A single burst of laughter erupts from her mouth, though her lips do not, I notice, curl into a smile. “I'm going to ask a few questions. I want you to quickly answer each to the best of your ability, and then we'll go on to the next.”

“You mean you don't want me dawdling on a question? Because I'm pretty astute psychologically, and I might be able to glean the answer from you without you knowing it, right?”

“They're not that kind of questions.” She smiles. “And yes, you probably are astute. I know that from some of the things I read about you in the paper. First question. Who's the president of the United States?”

“Well, it's … uh …” The idea that I can't name the president comes as a shock, but I quickly capitalize on my loss as only I can. “I know it's not Calvin Coolidge, and I'm pretty sure both Johnsons are dead. Give me a minute here. I can visualize the face, but I can't quite recall the name. In fact, when I think about it, I'm not even sure the face is right. Just one question for you, doc. Am I dying?”

“I told you, no. Now, what's your name?”

“Can I see the chart?”

“Your name.”

“Black. Thomas Black.”

“What do you do for a living?”

“I'm a private investigator.”

“Where did you go to school?”

“Wilson High School in Tacoma and then a short stint at the University of Washington before they threw me out. I worked some odd jobs and got hired on with the police department. From there I became a private investigator. Am I getting any of these right?”

“You're doing fine. And where are you now?”

“Here. With you.”

“Where is that?”

“Don't
you
know?”

“Can you answer my question?”

“My hospital room.”

“Which hospital?”

“I forget.”

“What's my name?”

“F.A.O. Swartz?”

“Close. It's Miranda Swartz.”

“That's not fair, doc. You've had your whole life to learn your name, and you only just told me a few minutes ago.”

“What city are we in?”

“Seattle.”

“And what happened to put you in the hospital?”

“I'm not sure.”

“We'll keep working on it, Mr. Black.”

“I'm better at multiple choice.”

“You're amusing, Mr. Black, but you're not well. I'm scheduling another MRI for late tomorrow. Do you have any questions I can answer for you?”

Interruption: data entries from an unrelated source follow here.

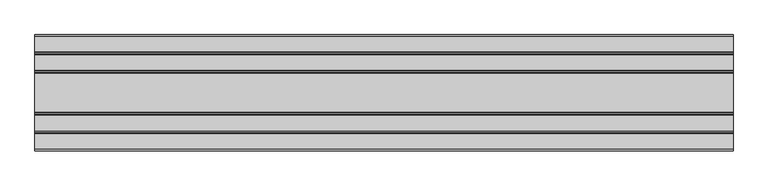
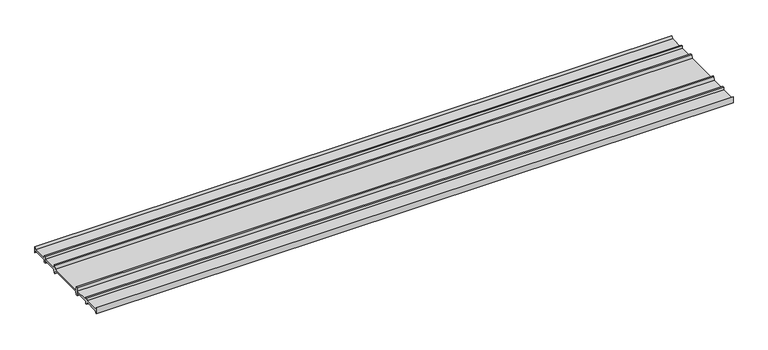
"""IFC4 building model written with IfcOpenShell, lengths in millimetres: proxy geometry, TN_Гидрошпонка ТН Фундамент : Гидрошпонка ТН Фундамент ТШ-В-250."""

from ifc_helpers import new_model, si_unit, frame, origin, place, context, project, spatial, polyline, outline, extrude, source, transform, mapped, element, save


def specialty_equipment_d3ba57ba(model_context):
    return source(origin(), model_context, "Body", "SweptSolid", [
        extrude(outline(polyline([(-83.280218, -5.7544352), (-86.719782, -5.7544352), (-87.7344441, 0.0), (-121.5809483, 0.0), (-125.0, -5.5044352), (-125.0, 9.4955648), (-121.5809483, 3.9911296), (-87.7344441, 3.9911296), (-86.719782, 9.7455648), (-83.280218, 9.7455648), (-82.2655559, 3.9911296), (-48.0288318, 3.9911296), (-46.7513068, 11.75), (-43.2486932, 11.75), (-41.9722041, 3.9974211), (41.9722041, 3.9974211), (43.2486932, 11.75), (46.7513068, 11.75), (48.0288318, 3.9911296), (82.2655559, 3.9911296), (83.280218, 9.7455648), (86.719782, 9.7455648), (87.7344441, 3.9911296), (121.5809483, 3.9911296), (125.0, 9.4955648), (125.0, -5.5044352), (121.5809483, 0.0), (87.7344441, 0.0), (86.719782, -5.7544352), (83.280218, -5.7544352), (82.2655559, 0.0), (48.1139579, 0.0), (46.7513068, -8.2758715), (43.2486932, -8.2758715), (41.8860421, 0.0), (-41.8860421, 0.0), (-43.2486932, -8.2758715), (-46.7513068, -8.2758715), (-48.1139579, 0.0), (-82.2655559, 0.0), (-83.280218, -5.7544352)])), frame((0.0, 0.0, 0.0), z_axis=(1.0, 0.0, 0.0), x_axis=(0.0, 1.0, 0.0)), (0.0, 0.0, 1.0), 1500.0),
    ])


if __name__ == "__main__":
    model = new_model("IFC4")
    model_context = context("Model", 3, world=origin())
    ifc_project = project(units=[si_unit("LENGTHUNIT", "METRE", prefix="MILLI")], contexts=[model_context])
    site = spatial("IfcSite", under=ifc_project)
    building = spatial("IfcBuilding", under=site)
    placement = place(None, origin())
    specialty_equipment_shape = specialty_equipment_d3ba57ba(model_context)
    element("IfcBuildingElementProxy", 1, Name="TN_Гидрошпонка ТН Фундамент : Гидрошпонка ТН Фундамент ТШ-В-250", ObjectType="TN_Гидрошпонка ТН Фундамент : Гидрошпонка ТН Фундамент ТШ-В-250", at=placement, inside=building, context=model_context, shape_type="MappedRepresentation", body=[
        mapped(specialty_equipment_shape, transform((0.0, 0.0, 0.0), x_axis=(1.0, 0.0, 0.0), y_axis=(0.0, 1.0, 0.0), z_axis=(0.0, 0.0, 1.0))),
    ])
    save(model, "model.ifc")

# Revit data of these elements
# Type "TN_Гидрошпонка ТН Фундамент : Гидрошпонка ТН Фундамент ТШ-В-250"
#   Description = "Внутренние гидроизоляционные шпонки ТН Фундамент ТШ-В предназначены для герметизации технологических швов бетонирования при строительстве подземных и заглубленных конструкций зданий и сооружений различного назначения и класса ответственности."
#   Type Comments = "п.м."
#   Manufacturer = "ТехноНИКОЛЬ"
#   URL = "https://nav.tn.ru/catalog/gidroizolyatsiya/komplektatsiya-dlya-gidroizolyatsii/gidroshponki-tekhnonikol-fundament-tsh-v/"
#   ADSK_Примечание = ""
#   ADSK_Обозначение [instance default] = "ТехноНИКОЛЬ"
#   ADSK_Наименование = "Гидрошпонка ТН Фундамент ТШ-В-250"
#   ADSK_Масса_Текст = ""
#   ADSK_Марка = ""
#   ADSK_Код изделия = "66675"
#   ADSK_Завод-изготовитель [instance default] = "ТехноНИКОЛЬ"
#   ADSK_Единица измерения [instance default] = "п.м."
#   ADSK_Группирование = "Гидрошпонки"
#   ADSK_URL страницы изделия = "https://nav.tn.ru/catalog/gidroizolyatsiya/komplektatsiya-dlya-gidroizolyatsii/gidroshponki-tekhnonikol-fundament-tsh-v/"
#   ADSK_URL документации изделия = "https://nav.tn.ru/upload/iblock/a6b/ewrhpb0y1xrl8jlgtx64kildvudhcq55/Tekhlist-7.401_Gidroshponki-TN-Fundament-TSH_V_RU_ru.pdf"
#   built-in parameter 1001306 [instance default] = 3.28084 (stored number, unit not read)
#   ADSK_Размер_Длина [instance default] = 1000 mm
#   ADSK_Количество [instance default] = 1
#   Гидрошпонка ТН Фундамент ТШ-Н-210 = no
#   Гидрошпонка ТН Фундамент ДШП-В-50 = no
#   Гидрошпонка ТН Фундамент ДШП-В-20 = no
#   Гидрошпонка ТН Фундамент ДШ-В-280 = no
#   Гидрошпонка ТН Фундамент ДШ-В-250 = no
#   Гидрошпонка ТН Фундамент ТШ-В-250 = yes
#   Гидрошпонка ТН Фундамент ТПС-В 140-1 = no
#   Гидрошпонка ТН Фундамент ДШ-Н-280 = no
#   Гидрошпонка ТН Фундамент ДШ-Н-250 = no
#   Гидрошпонка ТН Фундамент ТПС-В 100-2 = no
#   Гидрошпонка ТН Фундамент ТШ-Н-250 = no
#   Гидрошпонка ТН Фундамент ТШ-В-210 = no
#   Материал = TN_ПВХ_Черный
#   Default Elevation = 0
# Element 1 (IfcBuildingElementProxy, "TN_Гидрошпонка ТН Фундамент : Гидрошпонка ТН Фундамент ТШ-В-250")
#   built-in parameter 1001306 = 4.92126 (stored number, unit not read)
#   ADSK_Размер_Длина = 1500 mm
#   ADSK_Количество = 1.5
#   Materials on its faces: "TN_ПВХ_Черный"
# Materials
#   "TN_ПВХ_Черный": class "Типовые", colour RGB 48 48 48, transparency 0, Cost = 0

“Has my wife been visiting?”

The doctor stares at me as if wondering whether to answer the question truthfully. More than anything, I am afraid she's going to tell me my wife is dead—because others have told me that, although I cannot remember quite when—but apparently news of my wife's death is not what she's deliberating. “I'm not on the floor all that much during the day, so I couldn't say for sure.”

“But you haven't seen her?”

“No.”

“Or spoken to her?”

“No.”

“Not since I was brought in?”

“No.”

“Has she called?”

“Not that I'm aware of. Mr. Black, I see benchmarks of progress every time I come here. It may not seem like it to you, but you will get well. Will you have all the mental acuity you had before? Nobody can say. Most likely you will. And most likely there will be some short-term
memory loss you'll never recover. For instance, the events leading up to your admission here. We'll just have to wait and see.”

After she leaves, I still can't name the president or the vice president. I begin to think about my wife. I've been thinking Kathy is visiting in the middle of the night, but now I'm not so certain those weren't hallucinations. If my doctor hasn't met her, maybe she hasn't been here. If I can get my brain to work, I'll ask one of the nurses if my wife has been in.